Bosses at Glasgow City Council have confirmed they did not value the neighbourhood of Oatlands and parts of nearby Richmond Park before giving it to a private housebuilder for a now nearly-stalled regeneration scheme.
Now city MSP James Dornan – originally from the South Side area – has accused Glasgow City Council of botching the development, which was supposed to have seen £190million worth of work done by today.
Insiders admit that the development could now take years to complete.
The SNP MSP for Cathcart said: "As someone with very close connections to Oatlands – I was born there and both my parents came from there – I looked forward to a new beginning for an area that had been allowed to die a slow and painful death.
"Unfortunately it appears that due to the incompetency of Glasgow City Council this dream is rapidly becoming a nightmare for residents.
"I'm at a loss as to how the council could sign off on a contract without doing a full valuation of the land and considering what sort of deal they would get if, as proved the case, the economy slowed down and the development became less attractive.
"How were they to know if council taxpayers were getting a good deal without this valuation?
"This appears like another case of the council taking their eye off the ball."
Glasgow handed over Oatlands and a chunk of nearby Richmond Park to private housebuilder Bett in 2005 for a peppercorn, or symbolic, rent of £1 a year under a development deal, details of which they have refused to disclose.
The local authority, in response to a Freedom of Information inquiry, said: "There has been no council valuation of the land at Oatlands during or since 2004, nor any independent valuation known to the council."
The Evening Times today asked the council if it regretted this.
A spokesman said: " No – this scheme has continued to develop despite extremely difficult conditions in the housing and construction sectors, bringing a new neighbourhood and community facilities to Glasgow."
Bett sealed the deal at the expense of a rival consortium.
Their proposal, the Evening Times understands, was a 50/50 partnership profit sharing agreement.
The council and firm agreed a nine-stage development for the neighbourhood scheduled for completion in 2012/13, the current financial year.
So far the developer is coming to the end of only the second of those stages.
A spokesman for the council said: "There are 213 socially rented homes now built, with 255 private homes either built or under construction.

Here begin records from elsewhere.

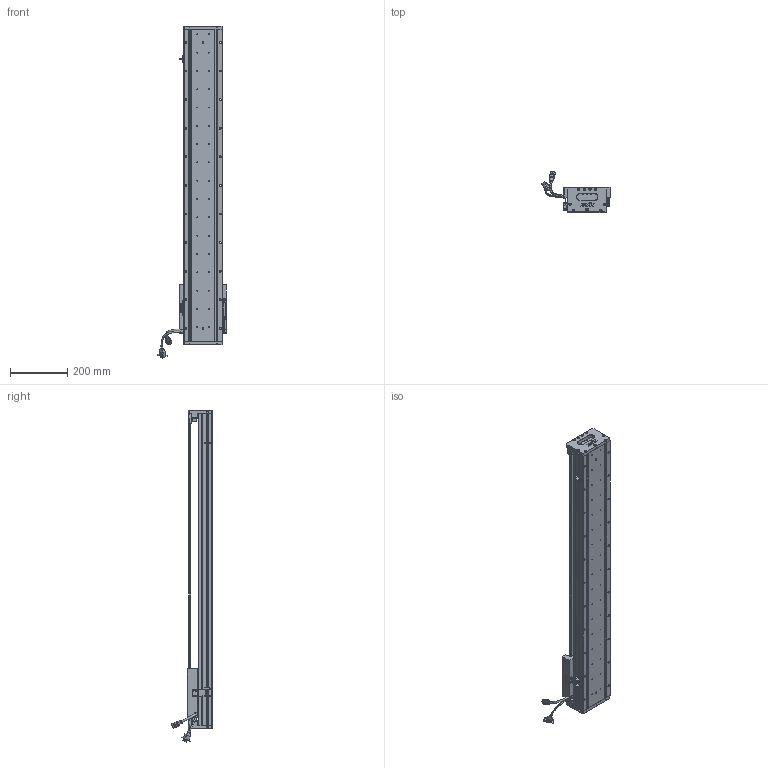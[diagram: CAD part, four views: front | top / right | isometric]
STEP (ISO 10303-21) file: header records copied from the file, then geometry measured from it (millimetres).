
FILE_DESCRIPTION (( 'STEP AP203' ), '1' );
FILE_NAME ('Z2-RY140D-1-L500-B-K.SLDASM_0850.step', '2021-05-17T07:45:30', ( '盈信电脑' ), ( '东莞市道滘镇水果街19号' ), 'SwSTEP 2.0', 'SolidWorks 2016', '' );
FILE_SCHEMA (( 'CONFIG_CONTROL_DESIGN' ));
Length unit declared in the file: millimetre
Products named in the file (36): SCALE-Part-2; Z-RY140詩湍奻揤裔; 140蚥薯蝶輸; 140雄赽晤鎢ん堤盄; LABEL; HARNESS-Part-1; Z2-RY140-L500詩湍100mm遵_0850; Z2-RY140D-1-L500-B-K.SLDASM_0850; 140-Z-臏賑輸盄裔(21遴); HARNESS-Part-2; COVER-Part-1; SCREW-M1.6-3; SCREW-M1.6-1; SCALE; HARNESS; SHIELDPLATE; SEAL-Part-1; SCREW-M1.6-2; SCREW-M1.7-1; SCREW-M1.6; PSLH080_PSLF2; SCALE-Part-1; 080黍杅芛假蚾釱21遴; LABEL-Part-1; Z2-RY140圉猾敕臏賑輸(21遴); 覜茼ん672; Z2-RY140-L500直线电机模组底座_0850; PBU_SHEET; 榋妏寠巭燃_暯_M2_2; HOLDER0; SCREW-M1.7; Z-RY140感应器672光电感应片; SEAL; Z-RY140詩湍狟揤裔; COVER; Z-140詩湍傷裔啣
Assembly tree (41 placements, depth 4):
  Z2-RY140D-1-L500-B-K.SLDASM_0850
    Z2-RY140-L500直线电机模组底座_0850
    Z-RY140感应器672光电感应片
    Z2-RY140圉猾敕臏賑輸(21遴)
    覜茼ん672  x3
    Z2-RY140-L500詩湍100mm遵_0850
    PSLH080_PSLF2
      SCALE
        SCALE-Part-1
        SCALE-Part-2
      HARNESS
        HARNESS-Part-1
        HARNESS-Part-2
      LABEL
        LABEL-Part-1
      COVER
        COVER-Part-1
      SEAL
        SEAL-Part-1
      榋妏寠巭燃_暯_M2_2
      SHIELDPLATE
      SCREW-M1.7
      SCREW-M1.7-1
      PBU_SHEET
      SCREW-M1.6
      SCREW-M1.6-1
      SCREW-M1.6-2
      SCREW-M1.6-3
      HOLDER0
    080黍杅芛假蚾釱21遴
    140-Z-臏賑輸盄裔(21遴)
    Z-140詩湍傷裔啣  x2
    Z-RY140詩湍狟揤裔  x2
    Z-RY140詩湍奻揤裔  x2
    140蚥薯蝶輸  x2
    140雄赽晤鎢ん堤盄
Bounding box: 239.84 x 143.77 x 1160.88 mm (x, y, z)
Volume: 4093054.4 mm3; surface area: 1075591 mm2
Topology: 36 solids, 36 shells, 3018 faces, 7982 edges, 5055 vertices
Faces by surface type: cylinder 1440, plane 1156, cone 290, torus 79, bspline 53
Entity records: 89242 total; most frequent: CARTESIAN_POINT 22915, ORIENTED_EDGE 13092, DIRECTION 12862, EDGE_CURVE 6546, AXIS2_PLACEMENT_3D 4738, VERTEX_POINT 4223, LINE 3386, VECTOR 3386

This leaves 858 private homes still to be built."
Both Bett and the council blame delays on the credit crunch.
The spokesman added: "Clearly the housing and property market has changed significantly since this project began, so it is difficult to say when it is likely to be complete.
"However, it seems reasonable to assume that the housing market will improve significantly – compared to the conditions of the past five years – in the medium-term, so this should mean higher demand for these homes in the years to come and an acceleration of the progress made during the current economic downturn."
The Oatlands development was estimated to be valued at around £190m in September 2005 when leases where signed for the area.
Bett as part of its deal with the council was supposed to carry out a whole series of "public works" as its construction progressed.
These included diverting Rutherglen Road, which has been done.
The Evening Times three years ago revealed that Glasgow City Council had picked up the bill for this – £3m – as Bett could not do so.
The council now declines to comment on this transaction. "Information on the Rutherglen Road diversion is commercially confidential between the parties," said the spokesman.
Other public work has been completed, including the laying out and planting of Oatlands Square, landscaping the entrance to Dixon's Blazes Industrial Estate, riverside pathways and relocating allotments. Other public works, including improvements to Richmond Park, will take place when Bett speeds up the project.
The Evening Times understands sales of the homes ran at three a month in 2011 and were planned to be about the same last year, a time in which sales had "picked up", according to the council.
There is no suggestion that Bett has done anything wrong or breached the terms of its deal with the council.
Bett had no comment.
Editor’s note: Since publication, the Council has confirmed that there was indeed no land valuation before sale, but council officers had made their own estimate of “future income versus value of planning gains” in 2001, which they say helped them to consider whether they were receiving value for public money from the eventual disposal some years later.